Christopher Galbraith
Padhraic Smyth
Hal S. Stern

Journal

Journal of the Royal Statistical Society

Publication Date

January 2020

The Goals

1

Investigate suitable measures to quantify the association between two event series on digital devices.

2

Determine the likelihood that the series were generated by the same source or by different sources –– ultimately to assess the degree of association between the two event series.

APPROACH AND METHODOLOGY

Researchers explored a variety of measures for quantifying the association between two discrete event time series. They used multiple score functions to determine the similarity between the series. These score functions were discriminative for same- and different-source pairs of event series.

The following methods for assessing the strength of association for a given pair of event series proved most accurate:

1

Constructing score-based likelihood ratios (SLRs) that assess the relative likelihood of observing a given degree of association when the series came from the same or different sources. This uses a population-based approach.

2

Calculating coincidental match probabilities (CMPs) to simulate a different-source score distribution via what the research team refers to as sessionized resampling when working with a single pair of event series. When a sample from a relevant population is not available, this method still produces accurate results.

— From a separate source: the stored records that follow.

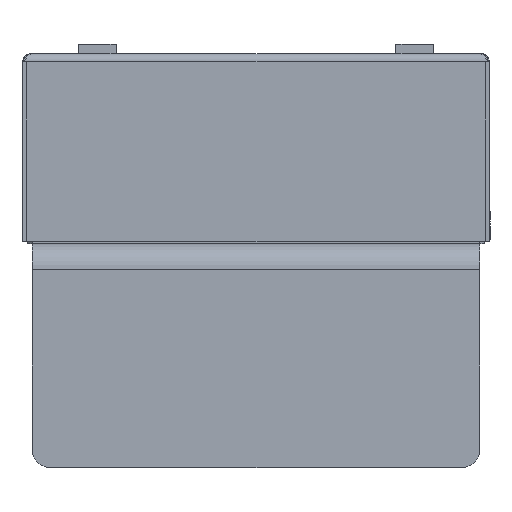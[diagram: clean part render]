
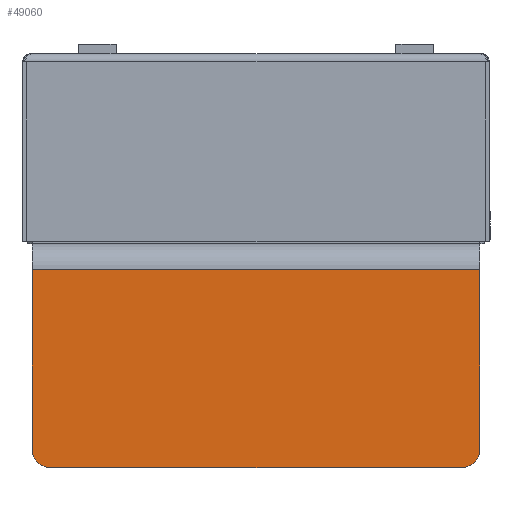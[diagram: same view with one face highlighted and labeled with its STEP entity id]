
A CAD part, front view. The second image highlights one B-rep face of the part: STEP entity #49060.
In plain terms, the highlighted planar face has unit normal (0, -1, 0).
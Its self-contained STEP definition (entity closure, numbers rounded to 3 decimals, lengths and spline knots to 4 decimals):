
#491 = PLANE ( 'NONE',  #43167 ) ;
#7524 = DIRECTION ( 'NONE',  ( 0., 0., 1. ) ) ;
#9680 = DIRECTION ( 'NONE',  ( 0., 0., 1. ) ) ;
#10756 = DIRECTION ( 'NONE',  ( -1., 0., 0. ) ) ;
#10900 = CARTESIAN_POINT ( 'NONE',  ( 3., -7.625, -2.898 ) ) ;
#12125 = VECTOR ( 'NONE', #10756, 39.3701 ) ;
#14038 = CARTESIAN_POINT ( 'NONE',  ( 3., -7.625, -2.898 ) ) ;
#14398 = CARTESIAN_POINT ( 'NONE',  ( -2.75, -7.625, -5.55 ) ) ;
#14721 = AXIS2_PLACEMENT_3D ( 'NONE', #99369, #98604, #75721 ) ;
#15797 = CARTESIAN_POINT ( 'NONE',  ( 3., -7.625, -2.55 ) ) ;
#17705 = DIRECTION ( 'NONE',  ( 1., 0., 0. ) ) ;
#20749 = CARTESIAN_POINT ( 'NONE',  ( 3., -7.625, -5.3 ) ) ;
#21675 = CIRCLE ( 'NONE', #104406, 0.25 ) ;
#21757 = FACE_OUTER_BOUND ( 'NONE', #62751, .T. ) ;
#22574 = EDGE_CURVE ( 'NONE', #34287, #33058, #55091, .T. ) ;
#24219 = LINE ( 'NONE', #10900, #12125 ) ;
#26074 = CARTESIAN_POINT ( 'NONE',  ( 2.75, -7.625, -5.55 ) ) ;
#26605 = ORIENTED_EDGE ( 'NONE', *, *, #89383, .F. ) ;
#28286 = VECTOR ( 'NONE', #9680, 39.3701 ) ;
#28401 = LINE ( 'NONE', #43641, #28286 ) ;
#32935 = ORIENTED_EDGE ( 'NONE', *, *, #73222, .T. ) ;
#33058 = VERTEX_POINT ( 'NONE', #14398 ) ;
#34287 = VERTEX_POINT ( 'NONE', #77654 ) ;
#35351 = VERTEX_POINT ( 'NONE', #26074 ) ;
#37537 = EDGE_CURVE ( 'NONE', #87331, #44585, #24219, .T. ) ;
#39031 = EDGE_CURVE ( 'NONE', #74886, #87331, #97757, .T. ) ;
#39855 = CARTESIAN_POINT ( 'NONE',  ( -3., -7.625, -5.55 ) ) ;
#43167 = AXIS2_PLACEMENT_3D ( 'NONE', #60279, #68959, #17705 ) ;
#43455 = CARTESIAN_POINT ( 'NONE',  ( 2.75, -7.625, -5.3 ) ) ;
#43641 = CARTESIAN_POINT ( 'NONE',  ( -3., -7.625, -2.55 ) ) ;
#44585 = VERTEX_POINT ( 'NONE', #65446 ) ;
#48475 = DIRECTION ( 'NONE',  ( 1., 0., 0. ) ) ;
#49060 = ADVANCED_FACE ( 'NONE', ( #21757 ), #491, .F. ) ;
#52073 = DIRECTION ( 'NONE',  ( 1., 0., 0. ) ) ;
#55091 = CIRCLE ( 'NONE', #14721, 0.25 ) ;
#60279 = CARTESIAN_POINT ( 'NONE',  ( -3., -7.625, -2.55 ) ) ;
#60777 = ORIENTED_EDGE ( 'NONE', *, *, #22574, .T. ) ;
#62751 = EDGE_LOOP ( 'NONE', ( #32935, #68688, #72520, #82480, #26605, #60777 ) ) ;
#65446 = CARTESIAN_POINT ( 'NONE',  ( -3., -7.625, -2.898 ) ) ;
#68688 = ORIENTED_EDGE ( 'NONE', *, *, #99897, .T. ) ;
#68959 = DIRECTION ( 'NONE',  ( 0., 1., 0. ) ) ;
#72520 = ORIENTED_EDGE ( 'NONE', *, *, #39031, .T. ) ;
#73222 = EDGE_CURVE ( 'NONE', #33058, #35351, #79537, .T. ) ;
#74886 = VERTEX_POINT ( 'NONE', #20749 ) ;
#75721 = DIRECTION ( 'NONE',  ( 1., 0., 0. ) ) ;
#77654 = CARTESIAN_POINT ( 'NONE',  ( -3., -7.625, -5.3 ) ) ;
#79537 = LINE ( 'NONE', #39855, #88917 ) ;
#82480 = ORIENTED_EDGE ( 'NONE', *, *, #37537, .T. ) ;
#87331 = VERTEX_POINT ( 'NONE', #14038 ) ;
#88917 = VECTOR ( 'NONE', #48475, 39.3701 ) ;
#89383 = EDGE_CURVE ( 'NONE', #34287, #44585, #28401, .T. ) ;
#97757 = LINE ( 'NONE', #15797, #106187 ) ;
#98604 = DIRECTION ( 'NONE',  ( 0., -1., 0. ) ) ;
#99369 = CARTESIAN_POINT ( 'NONE',  ( -2.75, -7.625, -5.3 ) ) ;
#99897 = EDGE_CURVE ( 'NONE', #35351, #74886, #21675, .T. ) ;
#103642 = DIRECTION ( 'NONE',  ( 0., -1., 0. ) ) ;
#104406 = AXIS2_PLACEMENT_3D ( 'NONE', #43455, #103642, #52073 ) ;
#106187 = VECTOR ( 'NONE', #7524, 39.3701 ) ;
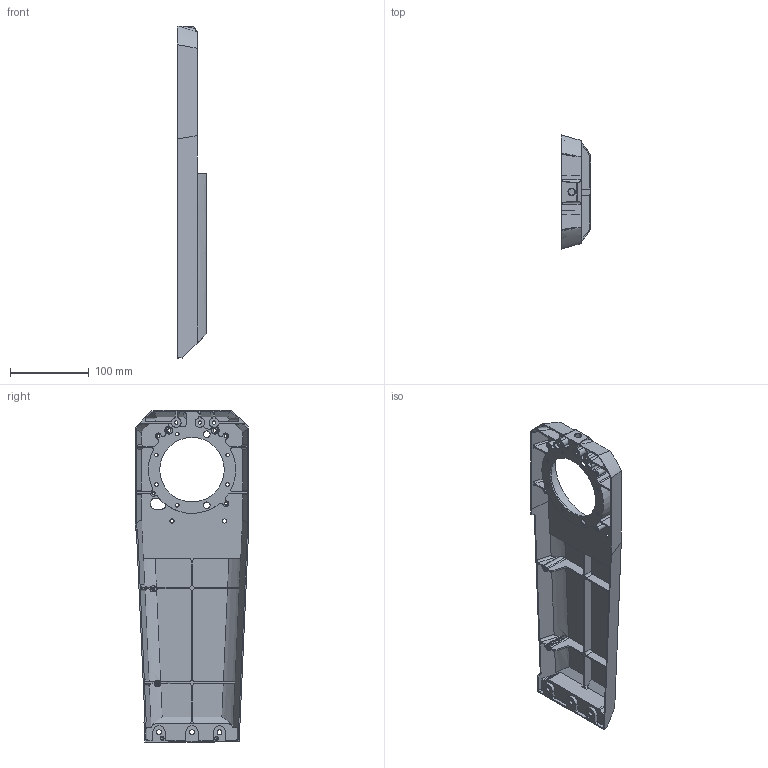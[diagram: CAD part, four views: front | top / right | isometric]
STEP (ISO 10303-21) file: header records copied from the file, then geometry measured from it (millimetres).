
FILE_DESCRIPTION(/* description */ ('STEP AP242 Edition 2','CAx-IF Rec.Pracs.---Representation and Presentation of Product Manufacturing Information (PMI)---4.0---2014-10-13','CAx-IF Rec.Pracs.---3D Tessellated Geometry---0.4---2014-09-14','2;1','CAx-IF Rec.Pracs.---User Defined Attributes---1.5---2016-08-15'),/* implementation_level */ '2;1');
FILE_NAME(/* name */ 'Assy_ForMFG - KD-B-103L_TORSO_LEFT',/* time_stamp */ '2026-05-15T19:56:25Z',/* author */ (''),/* organization */ (''),/* preprocessor_version */ 'ST-DEVELOPER v20',/* originating_system */ 'ONSHAPE BY PTC INC, 1.215',/* authorisation */ ' ');
FILE_SCHEMA (('AP242_MANAGED_MODEL_BASED_3D_ENGINEERING_MIM_LF { 1 0 10303 442 3 1 4 }'));
Length unit declared in the file: metre
Products named in the file (1): KD-B-103L_TORSO_LEFT
Bounding box: 37 x 145 x 422.5 mm (x, y, z)
Volume: 169406.4 mm3; surface area: 186004.4 mm2
Topology: 1 solids, 1 shells, 383 faces, 1099 edges, 724 vertices
Faces by surface type: cylinder 178, plane 141, cone 38, bspline 26
Full cylindrical faces by diameter (mm): 3.3 x4, 3.5 x4, 4 x2, 4.3 x3, 4.5 x8, 5.3 x2, 6.3 x3, 8 x2, 8.25 x5, 8.5 x3, 82 x1, 107 x1
Entity records: 13199 total; most frequent: CARTESIAN_POINT 3542, DIRECTION 1996, ORIENTED_EDGE 1970, EDGE_CURVE 985, AXIS2_PLACEMENT_3D 750, VERTEX_POINT 683, FACE_BOUND 506, EDGE_LOOP 504

KEY TAKEAWAYS for Practitioners

1

The population-based approach of SLRs remains the preferred technique in terms of accuracy and interpretability.

2

The resampling technique using CMPs shows significant potential for quantifying the association between a pair of time event series, helping examiners determine the likelihood that two different time series were created by the same person, especially when no population sampling data is available.

3

With multiple-event series, combining these techniques could be valuable for pattern mining to determine which event series are associated with one another.

4

Developments in this area have the capacity to positively impact work in forensic and cybersecurity settings.

Next Steps

 

Both SLR and CMP techniques require more extensive study and testing before being used in practice by forensic examiners.

All techniques that are described are implemented in the open-source R package assocr.